Resilient was accused of doing this so as to artificially get its share included in the JSE’s top 40 index whose constituents are bought by numerous exchange-traded funds (ETFs) and other passive investment products.
Resilient said in Tuesday evening’s statement that legal and accounting experts it consulted said that under International Financial Reporting Standards (IFRS) rules, it controlled Siyakha.
Market watchers said the restatement also calls into question the audit opinion of Resilient’s external auditor Deloitte Africa, which has signed off on the group’s financial results since 2009. This comes at a time when audit firms are being caught in accounting scandals, including Deloitte’s own audit of Steinhoff and African Bank. “The exact same information that is available today was available when they [Deloitte] signed off on the results. It wouldn’t be a surprise if the company would have to relook at other prior financial statements. We cannot rely on the audit profession to give us what they are paid to do for investors and shareholders,” said Garreth Elston, an analyst at Golden Section Capital.
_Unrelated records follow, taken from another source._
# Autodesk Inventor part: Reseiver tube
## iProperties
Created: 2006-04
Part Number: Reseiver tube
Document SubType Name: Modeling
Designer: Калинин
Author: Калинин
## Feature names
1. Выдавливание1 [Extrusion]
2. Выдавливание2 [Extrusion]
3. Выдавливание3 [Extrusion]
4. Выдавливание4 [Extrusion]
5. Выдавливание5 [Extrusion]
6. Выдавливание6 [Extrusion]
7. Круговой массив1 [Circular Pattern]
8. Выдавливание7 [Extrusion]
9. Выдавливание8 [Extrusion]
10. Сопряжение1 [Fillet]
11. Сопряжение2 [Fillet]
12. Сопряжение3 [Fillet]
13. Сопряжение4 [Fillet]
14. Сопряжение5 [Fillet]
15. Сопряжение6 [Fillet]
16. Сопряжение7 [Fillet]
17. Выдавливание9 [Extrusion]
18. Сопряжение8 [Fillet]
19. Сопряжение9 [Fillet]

Deloitte Africa CEO Lwazi Bam, said the audit firm didn’t opine on Resilient’s restated interim results as they were issued unaudited.
Bam said in reevaluating the consolidation of the Siyakha trusts, Deloitte sought advice from its legal counsel on provisions in the trusts’ deed and documentation provided by Resilient and it sought an independent accounting opinion on the matter. “On the basis of this reevaluation, we concluded that, on balance, there was no longer sufficient persuasive evidence that Resilient was not required to consolidate the trusts based on the relevant accounting standards.” Cy Jacobs, the founder of 36ONE, said Resilient’s restatement validates its extensive work on the affairs of the property group. “The fact that the company’s own auditor, undoubtedly prompted by our analysis, sought legal counsel that agrees with our assertions, is the first and clearest indication of the strength of our analysis.”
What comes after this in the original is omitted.